On motion pursuant to 37 CFR § 2.120(d)(2), the Board may by order specify the place and the manner in which the documents are to be produced, and in situations involving electronically stored information, the form of production. The Board may, for example, order that the responding party photocopy the documents designated in a request and mail the photocopies to the requesting party when the responding party has unreasonably refused to produce documents. [ Note 11.]

NOTES:

 1.   See Electronic Industries Association v. Potega, 50 USPQ2d 1775, 1777 (TTAB 1998); Unicut Corp. v. Unicut, Inc., 220 USPQ 1013, 1015 (TTAB 1983); Georgia-Pacific Corp. v. Great Plains Bag Co., 190 USPQ 193, 195 (TTAB 1976).

 2.   No Fear Inc. v. Rule, 54 USPQ2d 1551, 1555 (TTAB 2000).

 3.   Fed. R. Civ. P. 34(b)(2)(E)(i).

 4.   See No Fear Inc. v. Rule, 54 USPQ2d 1551, 1555 (TTAB 2000); Electronic Industries Association v. Potega, 50 USPQ2d 1775, 1777 (TTAB 1998).

 5.   . Influance Inc. v. Zuker, 88 USPQ2d 1859, 1861 (TTAB 2008) (most efficient means of making initial disclosures of documents and the option the Board encourages parties to use is to actually exchange copies of disclosed documents rather than merely identifying location).

 6.   MISCELLANEOUS CHANGES TO TRADEMARK TRIAL AND APPEAL BOARD RULES, 72 Fed. Reg. 42242, 42245 and 42252 (August 1, 2007); 37 CFR § 2.120(a)(2); Fed. R. Civ. P. 26(f).

 7.   Fed. R. Civ. P. 34(b)(2)(E)(ii). See Fed. R. Civ. P. 34 Advisory Committee’s notes (2006 Amendment). Cf. Frito-Lay North America Inc. v. Princeton Vanguard LLC, 100 USPQ2d 1904, 1908 (TTAB 2011) (where the parties only agreed as to form of production, not as to other aspects such as a protocol for identifying and segregating potentially responsive ESI, applicant cannot insist that opposer start its ESI search and production over).

 8.   Fed. R. Civ. P. 34 Advisory Committee’s notes (2006 Amendment Rule 34, Subdivision (b)).

 9.   Fed. R. Civ. P. 34 Advisory Committee’s notes (2006 Amendment Rule 34, Subdivision (b)).
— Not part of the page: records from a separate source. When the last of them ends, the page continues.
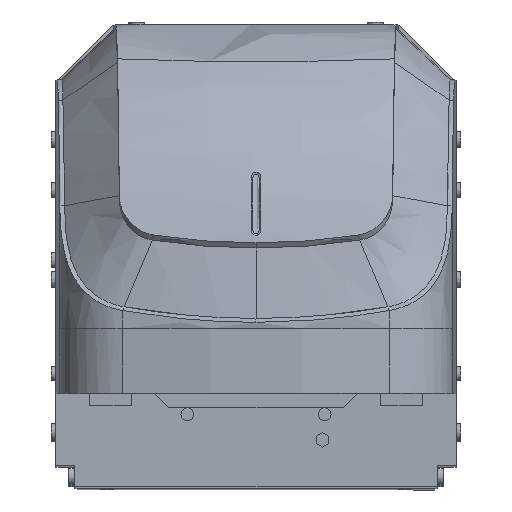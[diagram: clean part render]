
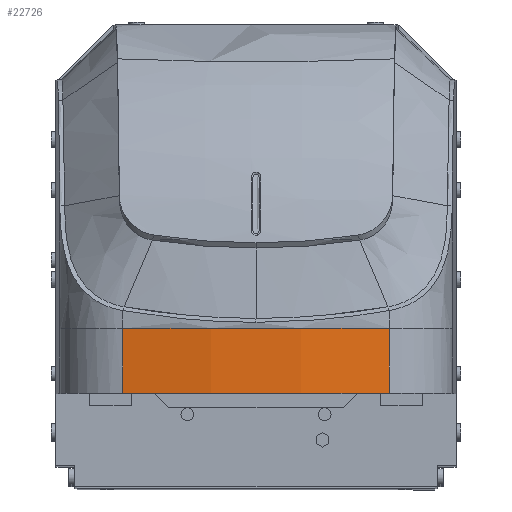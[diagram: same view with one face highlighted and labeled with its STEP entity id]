
A CAD part, top view. The second image highlights one B-rep face of the part: STEP entity #22726.
In plain terms, the highlighted cylindrical face has radius 300 mm (diameter 600 mm), a partial arc.
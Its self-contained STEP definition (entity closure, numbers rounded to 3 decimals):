
#1383 = VERTEX_POINT ( 'NONE', #24422 ) ;
#1450 = CARTESIAN_POINT ( 'NONE',  ( -30.218, 2.5, 47.303 ) ) ;
#1655 = DIRECTION ( 'NONE',  ( 0., 1., 0. ) ) ;
#3555 = VERTEX_POINT ( 'NONE', #4351 ) ;
#4351 = CARTESIAN_POINT ( 'NONE',  ( 86.158, 0., 47.303 ) ) ;
#5413 = VERTEX_POINT ( 'NONE', #20973 ) ;
#5597 = LINE ( 'NONE', #1450, #18476 ) ;
#5727 = CARTESIAN_POINT ( 'NONE',  ( 86.158, 2.5, 47.303 ) ) ;
#6209 = DIRECTION ( 'NONE',  ( 0., 0., 1. ) ) ;
#6228 = DIRECTION ( 'NONE',  ( 0., 1., 0. ) ) ;
#6606 = EDGE_CURVE ( 'NONE', #1383, #5413, #12634, .T. ) ;
#7583 = CARTESIAN_POINT ( 'NONE',  ( -30.218, 0., 47.303 ) ) ;
#7608 = CARTESIAN_POINT ( 'NONE',  ( 27.97, 28.335, -247. ) ) ;
#8326 = CARTESIAN_POINT ( 'NONE',  ( 27.97, 2.5, -247. ) ) ;
#10134 = CYLINDRICAL_SURFACE ( 'NONE', #22960, 300. ) ;
#10908 = EDGE_CURVE ( 'NONE', #3555, #5413, #23953, .T. ) ;
#11564 = CIRCLE ( 'NONE', #13229, 300. ) ;
#12372 = ORIENTED_EDGE ( 'NONE', *, *, #10908, .T. ) ;
#12634 = CIRCLE ( 'NONE', #13456, 300. ) ;
#13229 = AXIS2_PLACEMENT_3D ( 'NONE', #21493, #25500, #6209 ) ;
#13456 = AXIS2_PLACEMENT_3D ( 'NONE', #7608, #1655, #23643 ) ;
#14606 = EDGE_CURVE ( 'NONE', #19889, #3555, #11564, .T. ) ;
#14613 = EDGE_LOOP ( 'NONE', ( #18978, #24326, #12372, #21826 ) ) ;
#17237 = VECTOR ( 'NONE', #6228, 1000. ) ;
#18043 = DIRECTION ( 'NONE',  ( 0., 1., 0. ) ) ;
#18476 = VECTOR ( 'NONE', #21259, 1000. ) ;
#18978 = ORIENTED_EDGE ( 'NONE', *, *, #24908, .T. ) ;
#19889 = VERTEX_POINT ( 'NONE', #7583 ) ;
#20973 = CARTESIAN_POINT ( 'NONE',  ( 86.158, 28.335, 47.303 ) ) ;
#21259 = DIRECTION ( 'NONE',  ( 0., -1., 0. ) ) ;
#21493 = CARTESIAN_POINT ( 'NONE',  ( 27.97, 0., -247. ) ) ;
#21826 = ORIENTED_EDGE ( 'NONE', *, *, #6606, .F. ) ;
#22054 = DIRECTION ( 'NONE',  ( 0., 0., -1. ) ) ;
#22726 = ADVANCED_FACE ( 'NONE', ( #23991 ), #10134, .T. ) ;
#22960 = AXIS2_PLACEMENT_3D ( 'NONE', #8326, #18043, #22054 ) ;
#23643 = DIRECTION ( 'NONE',  ( 0., 0., -1. ) ) ;
#23953 = LINE ( 'NONE', #5727, #17237 ) ;
#23991 = FACE_OUTER_BOUND ( 'NONE', #14613, .T. ) ;
#24326 = ORIENTED_EDGE ( 'NONE', *, *, #14606, .T. ) ;
#24422 = CARTESIAN_POINT ( 'NONE',  ( -30.218, 28.335, 47.303 ) ) ;
#24908 = EDGE_CURVE ( 'NONE', #1383, #19889, #5597, .T. ) ;
#25500 = DIRECTION ( 'NONE',  ( 0., 1., 0. ) ) ;

 10.   Fed. R. Civ. P. 34(b)(2)(E)(iii).

 11.   See No Fear Inc. v. Rule, 54 USPQ2d 1551, 1555 (TTAB 2000) (at the responding party’s expense as a discovery sanction); Electronic Industries Association v. Potega, 50 USPQ2d 1775, 1778 (TTAB 1998) (at responding party’s expense, as a discovery sanction); Unicut Corp. v. Unicut, Inc., 220 USPQ 1013 (TTAB 1983) (at the requesting party’s expense).